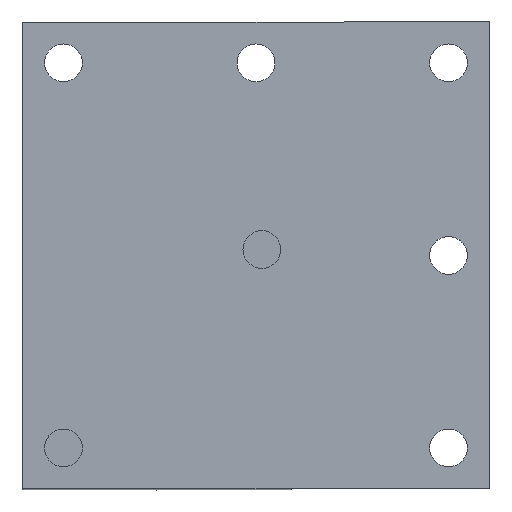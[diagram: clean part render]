
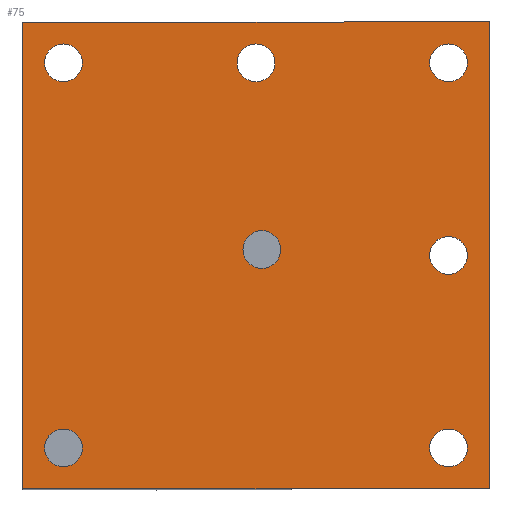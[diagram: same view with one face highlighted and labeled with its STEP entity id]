
A CAD part, top view. The second image highlights one B-rep face of the part: STEP entity #75.
In plain terms, the highlighted planar face has unit normal (0, 0, 1).
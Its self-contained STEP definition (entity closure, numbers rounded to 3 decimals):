
#75 = ADVANCED_FACE( '', ( #157, #158, #159, #160, #161, #162, #163, #164 ), #165, .T. );
#157 = FACE_BOUND( '', #253, .T. );
#158 = FACE_BOUND( '', #254, .T. );
#159 = FACE_OUTER_BOUND( '', #255, .T. );
#160 = FACE_BOUND( '', #256, .T. );
#161 = FACE_BOUND( '', #257, .T. );
#162 = FACE_BOUND( '', #258, .T. );
#163 = FACE_BOUND( '', #259, .T. );
#164 = FACE_BOUND( '', #260, .T. );
#165 = PLANE( '', #261 );
#253 = EDGE_LOOP( '', ( #400 ) );
#254 = EDGE_LOOP( '', ( #401 ) );
#255 = EDGE_LOOP( '', ( #402, #403, #404, #405 ) );
#256 = EDGE_LOOP( '', ( #406 ) );
#257 = EDGE_LOOP( '', ( #407 ) );
#258 = EDGE_LOOP( '', ( #408 ) );
#259 = EDGE_LOOP( '', ( #409 ) );
#260 = EDGE_LOOP( '', ( #410 ) );
#261 = AXIS2_PLACEMENT_3D( '', #411, #412, #413 );
#400 = ORIENTED_EDGE( '', *, *, #523, .F. );
#401 = ORIENTED_EDGE( '', *, *, #507, .F. );
#402 = ORIENTED_EDGE( '', *, *, #485, .T. );
#403 = ORIENTED_EDGE( '', *, *, #502, .T. );
#404 = ORIENTED_EDGE( '', *, *, #524, .T. );
#405 = ORIENTED_EDGE( '', *, *, #525, .T. );
#406 = ORIENTED_EDGE( '', *, *, #482, .F. );
#407 = ORIENTED_EDGE( '', *, *, #526, .F. );
#408 = ORIENTED_EDGE( '', *, *, #499, .F. );
#409 = ORIENTED_EDGE( '', *, *, #527, .F. );
#410 = ORIENTED_EDGE( '', *, *, #477, .F. );
#411 = CARTESIAN_POINT( '', ( 0., 0., 0. ) );
#412 = DIRECTION( '', ( 0., 0., 1. ) );
#413 = DIRECTION( '', ( 1., 0., 0. ) );
#477 = EDGE_CURVE( '', #545, #545, #546, .T. );
#482 = EDGE_CURVE( '', #553, #553, #554, .T. );
#485 = EDGE_CURVE( '', #559, #557, #560, .T. );
#499 = EDGE_CURVE( '', #584, #584, #585, .T. );
#502 = EDGE_CURVE( '', #557, #588, #590, .T. );
#507 = EDGE_CURVE( '', #596, #596, #597, .T. );
#523 = EDGE_CURVE( '', #615, #615, #616, .T. );
#524 = EDGE_CURVE( '', #588, #617, #618, .T. );
#525 = EDGE_CURVE( '', #617, #559, #619, .T. );
#526 = EDGE_CURVE( '', #620, #620, #621, .T. );
#527 = EDGE_CURVE( '', #622, #622, #623, .T. );
#545 = VERTEX_POINT( '', #645 );
#546 = CIRCLE( '', #646, 3.24 );
#553 = VERTEX_POINT( '', #653 );
#554 = CIRCLE( '', #654, 3.24 );
#557 = VERTEX_POINT( '', #657 );
#559 = VERTEX_POINT( '', #660 );
#560 = LINE( '', #661, #662 );
#584 = VERTEX_POINT( '', #696 );
#585 = CIRCLE( '', #697, 3.24 );
#588 = VERTEX_POINT( '', #700 );
#590 = LINE( '', #703, #704 );
#596 = VERTEX_POINT( '', #713 );
#597 = CIRCLE( '', #714, 3.24 );
#615 = VERTEX_POINT( '', #735 );
#616 = CIRCLE( '', #736, 3.24 );
#617 = VERTEX_POINT( '', #737 );
#618 = LINE( '', #738, #739 );
#619 = LINE( '', #740, #741 );
#620 = VERTEX_POINT( '', #742 );
#621 = CIRCLE( '', #743, 3.24 );
#622 = VERTEX_POINT( '', #744 );
#623 = CIRCLE( '', #745, 3.24 );
#645 = CARTESIAN_POINT( '', ( 3.24, 0., 0. ) );
#646 = AXIS2_PLACEMENT_3D( '', #770, #771, #772 );
#653 = CARTESIAN_POINT( '', ( -62.76, 0., 0. ) );
#654 = AXIS2_PLACEMENT_3D( '', #779, #780, #781 );
#657 = CARTESIAN_POINT( '', ( -73., -73., 0. ) );
#660 = CARTESIAN_POINT( '', ( -73., 7., 0. ) );
#661 = CARTESIAN_POINT( '', ( -73., 7., 0. ) );
#662 = VECTOR( '', #783, 1000. );
#696 = CARTESIAN_POINT( '', ( 3.24, -66., 0. ) );
#697 = AXIS2_PLACEMENT_3D( '', #797, #798, #799 );
#700 = CARTESIAN_POINT( '', ( 7., -73., 0. ) );
#703 = CARTESIAN_POINT( '', ( -73., -73., 0. ) );
#704 = VECTOR( '', #801, 1000. );
#713 = CARTESIAN_POINT( '', ( -28.76, -32., 0. ) );
#714 = AXIS2_PLACEMENT_3D( '', #805, #806, #807 );
#735 = CARTESIAN_POINT( '', ( -62.76, -66., 0. ) );
#736 = AXIS2_PLACEMENT_3D( '', #826, #827, #828 );
#737 = CARTESIAN_POINT( '', ( 7., 7., 0. ) );
#738 = CARTESIAN_POINT( '', ( 7., -73., 0. ) );
#739 = VECTOR( '', #829, 1000. );
#740 = CARTESIAN_POINT( '', ( 7., 7., 0. ) );
#741 = VECTOR( '', #830, 1000. );
#742 = CARTESIAN_POINT( '', ( -29.76, 0., 0. ) );
#743 = AXIS2_PLACEMENT_3D( '', #831, #832, #833 );
#744 = CARTESIAN_POINT( '', ( 3.24, -33., 0. ) );
#745 = AXIS2_PLACEMENT_3D( '', #834, #835, #836 );
#770 = CARTESIAN_POINT( '', ( 0., 0., 0. ) );
#771 = DIRECTION( '', ( 0., 0., 1. ) );
#772 = DIRECTION( '', ( 1., 0., 0. ) );
#779 = CARTESIAN_POINT( '', ( -66., 0., 0. ) );
#780 = DIRECTION( '', ( 0., 0., 1. ) );
#781 = DIRECTION( '', ( 1., 0., 0. ) );
#783 = DIRECTION( '', ( 0., -1., 0. ) );
#797 = CARTESIAN_POINT( '', ( 0., -66., 0. ) );
#798 = DIRECTION( '', ( 0., 0., 1. ) );
#799 = DIRECTION( '', ( 1., 0., 0. ) );
#801 = DIRECTION( '', ( 1., 0., 0. ) );
#805 = CARTESIAN_POINT( '', ( -32., -32., 0. ) );
#806 = DIRECTION( '', ( 0., 0., 1. ) );
#807 = DIRECTION( '', ( 1., 0., 0. ) );
#826 = CARTESIAN_POINT( '', ( -66., -66., 0. ) );
#827 = DIRECTION( '', ( 0., 0., 1. ) );
#828 = DIRECTION( '', ( 1., 0., 0. ) );
#829 = DIRECTION( '', ( 0., 1., 0. ) );
#830 = DIRECTION( '', ( -1., 0., 0. ) );
#831 = CARTESIAN_POINT( '', ( -33., 0., 0. ) );
#832 = DIRECTION( '', ( 0., 0., 1. ) );
#833 = DIRECTION( '', ( 1., 0., 0. ) );
#834 = CARTESIAN_POINT( '', ( 0., -33., 0. ) );
#835 = DIRECTION( '', ( 0., 0., 1. ) );
#836 = DIRECTION( '', ( 1., 0., 0. ) );

_WHAT TO WORK ON_
Among the entries above, locate the lines containing "#618 = LINE( '', #738, #739 );" and "#703 = CARTESIAN_POINT( '', ( -73., -73., 0.", and transcribe exactly those two lines and all lines between.

_WRITTEN REPLY_
#618 = LINE( '', #738, #739 );
#619 = LINE( '', #740, #741 );
#620 = VERTEX_POINT( '', #742 );
#621 = CIRCLE( '', #743, 3.24 );
#622 = VERTEX_POINT( '', #744 );
#623 = CIRCLE( '', #745, 3.24 );
#645 = CARTESIAN_POINT( '', ( 3.24, 0., 0. ) );
#646 = AXIS2_PLACEMENT_3D( '', #770, #771, #772 );
#653 = CARTESIAN_POINT( '', ( -62.76, 0., 0. ) );
#654 = AXIS2_PLACEMENT_3D( '', #779, #780, #781 );
#657 = CARTESIAN_POINT( '', ( -73., -73., 0. ) );
#660 = CARTESIAN_POINT( '', ( -73., 7., 0. ) );
#661 = CARTESIAN_POINT( '', ( -73., 7., 0. ) );
#662 = VECTOR( '', #783, 1000. );
#696 = CARTESIAN_POINT( '', ( 3.24, -66., 0. ) );
#697 = AXIS2_PLACEMENT_3D( '', #797, #798, #799 );
#700 = CARTESIAN_POINT( '', ( 7., -73., 0. ) );
#703 = CARTESIAN_POINT( '', ( -73., -73., 0. ) );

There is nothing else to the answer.